The core of the reform is a slashing of the headline tax rate on domestically generated corporate profits together with a “modest” levy on profits from low-tax foreign jurisdictions. The conservatives are ready to go along with these as part of a general trimming of marginal tax rates which would be in line with supply-side reform of old dating back to the Reagan era. There is much wishful thinking here.
In fact, a bold corporate tax cut unmatched by spending cuts is a parody of supply-side reform. Individuals can look through the sham and see that taxes will rise in the future, or that inflation tax will be levied by stealth.
Yes, the corporation tax changes should induce increased demand for labor in the US as part of an induced repatriation of economic activity.

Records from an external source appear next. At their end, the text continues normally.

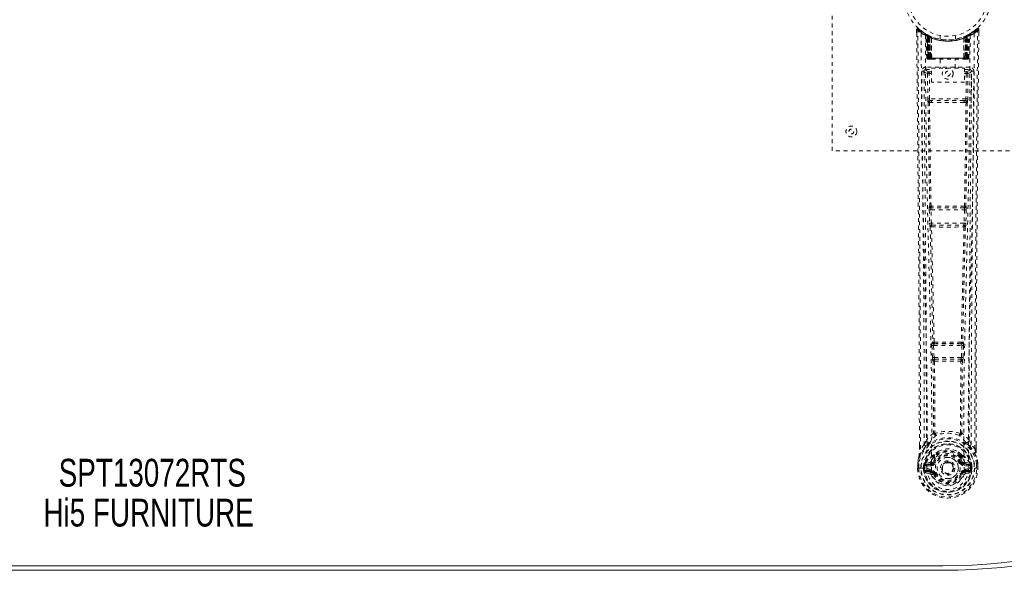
# Model space of a CAD drawing. Header units: inches. Extents: x 8.2 to 79.7, y 27.2 to 56.9.
# Tile 3 of 5: x 40.9 to 66.5, y 27.2 to 41.4. Entities that reach past the tile are written whole.
import ezdxf

# ---------------------------------------------------------------- set-up
doc = ezdxf.new("R2010")
doc.units = ezdxf.units.IN
doc.header["$MEASUREMENT"] = 0
doc.linetypes.add('SLD-Dashed', pattern=[0.075, 0.05, -0.025])
doc.linetypes.add('SLD-Solid', pattern=[0])
doc.layers.add('HI5-SYMBOLTEXT', color=5, linetype='SLD-Solid')
doc.styles.add('SLDTEXTSTYLE0', font='TXT', dxfattribs={"width": 0.75})

# ---------------------------------------------------------------- blocks, each defined once
blk = doc.blocks.new('SW_NOTE_0')
at = {"layer": 'HI5-SYMBOLTEXT', "color": 0, "char_height": 0.72, "attachment_point": 1, "style": 'SLDTEXTSTYLE0'}
for s, insert in [('SPT13072RTS', (0, 0.928)), ('Hi5 FURNITURE', (-0.396, -0.107))]:
    blk.add_mtext(s, dxfattribs=dict(at, insert=insert))

msp = doc.modelspace()

# ---------------------------------------------------------------- linework, layer by layer
at = {"color": 7, "linetype": 'SLD-Dashed', "lineweight": 0}
for p, q in [((61.994, 38.045), (61.994, 46.045)), ((64.188, 41.187), (64.188, 41.103)), ((65.64, 41.121), (65.58, 41.084)), ((65.751, 41.209), (65.65, 41.128)), ((65.801, 41.187), (65.771, 41.187)), ((65.8, 41.102), (65.801, 41.187)), ((64.426, 41.072), (64.412, 41.08)), ((64.441, 41.047), (64.427, 41.055)), ((64.448, 40.449), (64.427, 41.055)), ((64.461, 40.449), (64.441, 41.047)), ((64.51, 41.027), (64.444, 41.061)), ((64.527, 41.001), (64.459, 41.036)), ((64.48, 40.449), (64.459, 41.036)), ((64.46, 41.04), (64.482, 40.446)), ((64.487, 41.006), (64.499, 41.032)), ((64.487, 41.006), (64.487, 40.449)), ((64.492, 41.004), (64.487, 41.006)), ((64.492, 41.004), (64.504, 41.03)), ((64.492, 40.449), (64.492, 41.004)), ((64.499, 41.032), (64.504, 41.03)), ((64.5, 41), (64.512, 41.026)), ((64.5, 40.449), (64.5, 41)), ((64.504, 40.998), (64.517, 41.024)), ((64.504, 40.998), (64.504, 40.449)), ((64.512, 41.026), (64.51, 41.027)), ((64.517, 41.024), (64.512, 41.026)), ((64.519, 40.991), (64.531, 41.018)), ((64.519, 40.991), (64.519, 40.449)), ((64.522, 40.99), (64.534, 41.016)), ((64.522, 40.449), (64.522, 40.99)), ((64.527, 41.001), (64.529, 41)), ((64.546, 40.449), (64.527, 41.001)), ((64.529, 41), (64.548, 40.449)), ((64.531, 41.018), (64.534, 41.016)), ((64.574, 40.971), (64.572, 40.972)), ((64.576, 40.448), (64.572, 40.972)), ((64.577, 40.998), (64.574, 40.999)), ((64.574, 40.971), (64.578, 40.449)), ((64.794, 41.034), (64.794, 40.938)), ((65.194, 40.938), (65.194, 41.034)), ((65.414, 40.999), (65.411, 40.998)), ((65.411, 40.449), (65.415, 40.971)), ((65.417, 40.972), (65.412, 40.448)), ((65.417, 40.972), (65.415, 40.971)), ((65.441, 40.449), (65.46, 41)), ((65.461, 41.001), (65.442, 40.449)), ((65.455, 41.016), (65.466, 40.99)), ((65.458, 41.018), (65.484, 41.03)), ((65.458, 41.018), (65.47, 40.991)), ((65.46, 41), (65.461, 41.001)), ((65.529, 41.036), (65.461, 41.001)), ((65.466, 40.99), (65.466, 40.449)), ((65.47, 40.449), (65.47, 40.991)), ((65.476, 41.026), (65.472, 41.024)), ((65.472, 41.024), (65.484, 40.998)), ((65.476, 41.026), (65.489, 41)), ((65.478, 41.027), (65.477, 41.026)), ((65.545, 41.061), (65.478, 41.027)), ((65.484, 41.03), (65.489, 41.032)), ((65.484, 41.03), (65.497, 41.004)), ((65.484, 40.449), (65.484, 40.998)), ((65.489, 41), (65.488, 40.449)), ((65.489, 41.032), (65.498, 41.037)), ((65.489, 41.032), (65.502, 41.006)), ((65.502, 41.006), (65.497, 41.004)), ((65.497, 41.004), (65.497, 40.449)), ((65.502, 40.449), (65.502, 41.006)), ((65.507, 40.446), (65.529, 41.04)), ((65.509, 40.449), (65.529, 41.036)), ((65.522, 41.03), (65.517, 41.031)), ((65.527, 40.449), (65.548, 41.047)), ((65.541, 40.449), (65.562, 41.055)), ((65.562, 41.055), (65.548, 41.047)), ((65.576, 41.08), (65.563, 41.072)), ((64.448, 40.449), (64.461, 40.449)), ((64.475, 40.421), (64.479, 40.42)), ((64.48, 40.449), (64.546, 40.449)), ((64.48, 40.42), (64.48, 40.42)), ((64.487, 40.42), (64.492, 40.42)), ((64.491, 40.42), (64.501, 40.42)), ((65.497, 40.449), (64.492, 40.449)), ((64.501, 40.42), (64.505, 40.42)), ((64.504, 40.449), (65.484, 40.449)), ((64.51, 40.42), (64.576, 40.42)), ((64.519, 40.449), (64.522, 40.449)), ((65.466, 40.449), (64.522, 40.449)), ((64.548, 40.449), (64.546, 40.449)), ((64.576, 40.448), (64.578, 40.449)), ((64.578, 40.449), (65.411, 40.449)), ((64.578, 40.42), (65.41, 40.42)), ((64.799, 40.42), (64.799, 40.188)), ((65.189, 40.188), (65.189, 40.42)), ((65.411, 40.449), (65.412, 40.448)), ((65.413, 40.42), (65.479, 40.42)), ((65.442, 40.449), (65.441, 40.449)), ((65.442, 40.449), (65.509, 40.449)), ((65.466, 40.449), (65.47, 40.449)), ((65.484, 40.42), (65.488, 40.42)), ((65.488, 40.42), (65.497, 40.42)), ((65.496, 40.42), (65.501, 40.42)), ((65.501, 40.42), (65.501, 40.423)), ((65.509, 40.42), (65.509, 40.42)), ((65.51, 40.42), (65.514, 40.421)), ((65.527, 40.449), (65.541, 40.449)), ((64.381, 40.123), (64.378, 40.106)), ((64.378, 40.113), (64.378, 40.103)), ((64.378, 40.103), (64.378, 40.102)), ((64.378, 40.102), (64.385, 39.288)), ((64.423, 40.211), (64.423, 40.151)), ((65.566, 40.211), (64.423, 40.211)), ((64.423, 40.151), (64.57, 40.151)), ((64.57, 40.188), (65.431, 40.188)), ((64.57, 39.822), (64.57, 40.188)), ((65.431, 40.188), (65.431, 39.822)), ((65.431, 40.151), (65.566, 40.151)), ((65.566, 40.151), (65.566, 40.211)), ((65.603, 39.288), (65.611, 40.102)), ((65.611, 40.106), (65.608, 40.123)), ((65.611, 40.103), (65.61, 40.113)), ((65.611, 40.102), (65.611, 40.103)), ((64.47, 40.049), (64.477, 39.388)), ((64.47, 40.049), (64.515, 40.049)), ((64.515, 40.094), (64.515, 40.049)), ((64.57, 40.094), (64.515, 40.094)), ((64.57, 40.049), (64.515, 40.049)), ((64.522, 39.389), (64.515, 40.049)), ((65.431, 40.094), (65.474, 40.094)), ((65.431, 40.049), (65.474, 40.049)), ((65.474, 40.049), (65.467, 39.389)), ((65.474, 40.094), (65.474, 40.049)), ((65.519, 40.049), (65.512, 39.388)), ((65.431, 39.822), (64.57, 39.822)), ((65.467, 39.389), (64.522, 39.389)), ((64.578, 39.345), (64.531, 39.345)), ((65.41, 39.345), (64.578, 39.345)), ((65.458, 39.345), (65.41, 39.345)), ((64.52, 39.299), (64.568, 39.298)), ((65.42, 39.298), (65.469, 39.299)), ((67.994, 38.045), (61.994, 38.045)), ((64.527, 36.61), (64.522, 36.607)), ((64.566, 36.564), (64.572, 36.566)), ((65.422, 36.564), (64.566, 36.564)), ((65.417, 36.566), (65.422, 36.564)), ((65.467, 36.607), (65.461, 36.61)), ((64.514, 36.517), (64.525, 36.165)), ((64.559, 36.519), (65.43, 36.519)), ((64.57, 36.166), (64.559, 36.519)), ((65.43, 36.519), (65.419, 36.166)), ((65.474, 36.517), (65.464, 36.165)), ((64.539, 36.075), (64.539, 36.074)), ((65.419, 36.166), (64.57, 36.166)), ((64.584, 36.121), (64.583, 36.121)), ((64.583, 36.121), (65.406, 36.121)), ((65.406, 36.121), (65.405, 36.121)), ((65.45, 36.074), (65.45, 36.075)), ((64.584, 32.995), (64.596, 32.686)), ((64.607, 33.089), (64.594, 33.085)), ((64.628, 32.997), (65.361, 32.997)), ((64.64, 32.688), (64.628, 32.997)), ((64.638, 33.042), (64.651, 33.046)), ((65.35, 33.042), (64.638, 33.042)), ((65.338, 33.046), (65.35, 33.042)), ((65.361, 32.997), (65.348, 32.688)), ((65.382, 33.089), (65.395, 33.085)), ((65.405, 32.995), (65.393, 32.686)), ((64.596, 32.686), (64.598, 32.653)), ((64.614, 32.596), (64.615, 32.596)), ((65.348, 32.688), (64.64, 32.688)), ((64.66, 32.643), (64.659, 32.643)), ((64.659, 32.643), (65.33, 32.643)), ((65.33, 32.643), (65.329, 32.643)), ((65.373, 32.596), (65.374, 32.596)), ((65.393, 32.686), (65.39, 32.653)), ((64.258, 30.314), (64.258, 30.403)), ((64.259, 30.403), (64.259, 30.314)), ((64.384, 30.43), (64.287, 30.315)), ((64.384, 30.43), (64.443, 30.542)), ((65.546, 30.542), (65.605, 30.43)), ((65.701, 30.315), (65.605, 30.43)), ((65.73, 30.314), (65.73, 30.416)), ((65.731, 30.314), (65.731, 30.415)), ((64.63, 30.155), (64.642, 30.172)), ((65.347, 30.172), (65.359, 30.155)), ((64.215, 29.935), (64.215, 29.931)), ((64.215, 29.814), (64.215, 29.931)), ((64.216, 29.931), (64.216, 29.813)), ((64.245, 29.931), (64.244, 29.815)), ((64.396, 29.886), (64.366, 29.888)), ((64.366, 29.888), (64.366, 29.888)), ((64.366, 29.815), (64.366, 29.888)), ((64.396, 29.886), (64.395, 29.816)), ((64.396, 29.887), (64.401, 29.906)), ((64.401, 29.906), (64.401, 29.893)), ((64.401, 29.893), (64.401, 29.816)), ((64.411, 29.934), (64.408, 29.931)), ((64.411, 29.935), (64.421, 29.945)), ((64.536, 29.967), (64.421, 29.945)), ((64.421, 29.945), (64.421, 29.946)), ((64.421, 29.945), (64.421, 29.945)), ((64.436, 29.912), (64.566, 29.937)), ((64.436, 29.912), (64.436, 29.882)), ((64.566, 29.912), (64.436, 29.912)), ((64.566, 29.882), (64.436, 29.882)), ((64.566, 29.937), (64.566, 29.912)), ((64.566, 29.882), (64.566, 29.912)), ((64.613, 29.967), (64.621, 29.978)), ((64.621, 29.978), (64.648, 29.967)), ((64.623, 30.127), (64.623, 30.105)), ((64.646, 30.122), (64.646, 30.1)), ((65.341, 29.967), (65.368, 29.978)), ((65.343, 30.1), (65.342, 30.122)), ((65.366, 30.127), (65.366, 30.105)), ((65.368, 29.978), (65.375, 29.967)), ((65.423, 29.937), (65.553, 29.912)), ((65.423, 29.937), (65.423, 29.912)), ((65.553, 29.912), (65.423, 29.912)), ((65.423, 29.882), (65.423, 29.912)), ((65.553, 29.882), (65.423, 29.882)), ((65.568, 29.945), (65.452, 29.967)), ((65.553, 29.882), (65.553, 29.912)), ((65.568, 29.945), (65.578, 29.935)), ((65.581, 29.931), (65.578, 29.935)), ((65.587, 29.906), (65.588, 29.893)), ((65.593, 29.887), (65.587, 29.906)), ((65.588, 29.893), (65.588, 29.816)), ((65.623, 29.888), (65.593, 29.886)), ((65.593, 29.816), (65.593, 29.886)), ((65.623, 29.888), (65.623, 29.816)), ((65.623, 29.888), (65.623, 29.888)), ((65.744, 29.815), (65.744, 29.931)), ((65.773, 29.813), (65.772, 29.931)), ((65.774, 29.931), (65.773, 29.935)), ((65.774, 29.814), (65.774, 29.931)), ((64.215, 29.814), (64.219, 29.814)), ((64.219, 29.814), (64.272, 29.815)), ((64.272, 29.815), (64.295, 29.815)), ((64.295, 29.815), (64.301, 29.815)), ((64.301, 29.815), (64.451, 29.815)), ((64.366, 29.815), (64.366, 29.815)), ((64.401, 29.816), (64.395, 29.816)), ((64.419, 29.694), (64.538, 29.671)), ((64.449, 29.76), (64.449, 29.73)), ((64.449, 29.76), (64.566, 29.76)), ((64.566, 29.71), (64.449, 29.73)), ((64.449, 29.73), (64.566, 29.73)), ((64.451, 29.815), (64.451, 29.815)), ((64.566, 29.76), (64.566, 29.73)), ((64.566, 29.71), (64.566, 29.73)), ((64.625, 29.666), (64.621, 29.675)), ((64.648, 29.676), (64.625, 29.666)), ((64.838, 29.821), (64.839, 29.837)), ((64.838, 29.813), (64.838, 29.821)), ((65.363, 29.666), (65.341, 29.676)), ((65.367, 29.675), (65.363, 29.666)), ((65.418, 29.644), (65.363, 29.666)), ((65.423, 29.76), (65.423, 29.73)), ((65.423, 29.76), (65.54, 29.76)), ((65.54, 29.73), (65.423, 29.71)), ((65.423, 29.71), (65.423, 29.73)), ((65.423, 29.73), (65.54, 29.73)), ((65.451, 29.671), (65.57, 29.694)), ((65.538, 29.815), (65.688, 29.815)), ((65.54, 29.73), (65.54, 29.76)), ((65.588, 29.816), (65.593, 29.816)), ((65.688, 29.815), (65.694, 29.815)), ((65.694, 29.815), (65.717, 29.815)), ((65.717, 29.815), (65.77, 29.814)), ((65.77, 29.814), (65.774, 29.814))]:
    msp.add_line(p, q, dxfattribs=at)
at = {"color": 7, "linetype": 'SLD-Solid', "lineweight": 15}
for p, q in [((64.869, 27.288), (23.119, 27.288)), ((23.119, 27.288), (64.869, 27.288)), ((64.869, 27.17), (23.119, 27.17))]:
    msp.add_line(p, q, dxfattribs=at)
at = {"color": 7, "linetype": 'SLD-Dashed', "lineweight": 0, "flags": 128}
for points in [[(64.236, 41.207), (64.229, 41.211), (64.221, 41.213), (64.213, 41.214), (64.205, 41.212), (64.198, 41.209), (64.193, 41.204), (64.189, 41.197), (64.188, 41.189)], [(64.258, 30.403), (64.255, 33.031), (64.238, 35.749), (64.213, 38.468), (64.188, 41.187)], [(64.188, 41.187), (64.188, 41.186), (64.19, 41.187), (64.196, 41.187), (64.206, 41.187), (64.212, 41.187), (64.218, 41.187)], [(64.218, 41.187), (64.225, 41.196), (64.232, 41.203), (64.236, 41.208), (64.238, 41.209)], [(64.287, 30.315), (64.288, 31.053), (64.288, 31.834), (64.286, 32.657), (64.282, 33.522), (64.278, 34.319), (64.272, 35.148), (64.271, 35.339), (64.27, 35.531), (64.268, 35.725), (64.267, 35.859), (64.266, 35.988), (64.265, 36.124), (64.263, 36.265), (64.259, 36.719), (64.255, 37.223), (64.25, 37.779), (64.246, 38.13), (64.243, 38.502), (64.239, 38.905), (64.235, 39.281), (64.231, 39.771), (64.227, 40.207), (64.223, 40.588), (64.22, 40.915), (64.218, 41.187)], [(65.701, 30.315), (65.7, 31.129), (65.701, 31.978), (65.703, 32.861), (65.707, 33.664), (65.71, 34.181), (65.713, 34.723), (65.717, 35.29), (65.722, 35.853), (65.726, 36.341), (65.732, 36.988), (65.738, 37.676), (65.745, 38.405), (65.751, 39.082), (65.771, 41.187)], [(65.731, 30.415), (65.734, 33.032), (65.751, 35.748), (65.775, 38.47), (65.801, 41.187)], [(65.798, 41.187), (65.796, 41.194), (65.793, 41.202), (65.788, 41.209), (65.781, 41.214), (65.774, 41.216), (65.767, 41.217), (65.76, 41.215), (65.753, 41.211)], [(64.306, 41.093), (64.312, 39.503), (64.33, 37.913), (64.361, 36.327), (64.399, 34.744), (64.428, 33.504), (64.452, 32.269), (64.462, 31.038), (64.451, 29.815)], [(64.415, 41.038), (64.422, 39.451), (64.442, 37.867), (64.475, 36.284), (64.516, 34.705), (64.547, 33.468), (64.571, 32.235), (64.581, 31.007), (64.569, 29.785)], [(64.421, 41.072), (64.427, 41.061), (64.431, 41.048)], [(64.427, 41.061), (64.428, 41.055), (64.428, 41.054)], [(64.458, 41.044), (64.459, 41.038), (64.459, 41.036)], [(64.46, 41.052), (64.467, 41.049), (64.499, 41.032)], [(65.573, 41.038), (65.567, 39.451), (65.547, 37.867), (65.514, 36.284), (65.473, 34.705), (65.442, 33.468), (65.417, 32.235), (65.408, 31.007), (65.42, 29.785)], [(65.682, 41.093), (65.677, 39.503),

But this will go along with a boost to domestic wage rates and ultimately a shrinking of pre-tax profit margins in aggregate across the US economy. In effect, the tax changes amount to a subsidy regime which would shelter profits from erosion as a protective layer is put in place for domestic labor.
Lessons from Europe: Shifting the Tax Burden
When implemented in this way, lopsided cuts in corporate tax rates can become a source of economic inefficiency and inequity. The problem stems in part from incentives created to retain profits rather than distribute them (as would occur if personal tax rates do not fall in step with the headline corporate tax rates), and in part from ultimate tax burden shifting to pay for the cuts. Look, for example, at how the “race to the bottom” on corporate tax cuts has played out in Europe.
The UK boasts of one of the lowest corporate tax rates (headed to 17 percent in 2020); and yet the effective marginal tax rates elsewhere in the economy (taking account of cuts in deductions) have been increasing. A recent study by the Daily Telegraph showed that the top 1 percent of income taxpayers now pay nearly a third of all income tax; by contrast under the notoriously high tax regime on the eve of Margaret Thatcher becoming PM, they paid just 11 percent of the total.
Make Government Smaller — Don’t Just Favor Certain Special Interests
There is much talk of benign global tax competition unleashed by corporate tax cuts. But the competition which matters is that which tames big government and causing a general revulsion against personal (including consumption and capital) tax rates. Historically though, in the Reagan and Thatcher era, the decisive competition was that between the onshore economies and the offshore world of which London was the center.
In that era, national tax revenues could be bolstered by a lowering of high marginal rates as this would reduce the incentive for tax arbitrage between onshore and offshore. This arbitrage has largely been shut down in recent years. In consequence, governments in high tax jurisdictions have tremendous new power to apply high marginal rates across the board
Big cuts in corporate tax rates driven by a nationalist race toward the bottom might turn out to favor mainly the receivers of high rental income (subsumed under corporate profits) whether stemming from crony capitalism, or monopoly power, or too-big-to-fail bailouts. Many critics see the strong rise of corporate profits in this cycle as in part reflecting the weakening of the power of new entrants into the marketplace — thanks to a tax burden and regulatory burden that falls especially hard on start-ups and small businesses. Bold cuts in headline corporate tax rates do nothing to remedy that situation. Indeed it may become worse.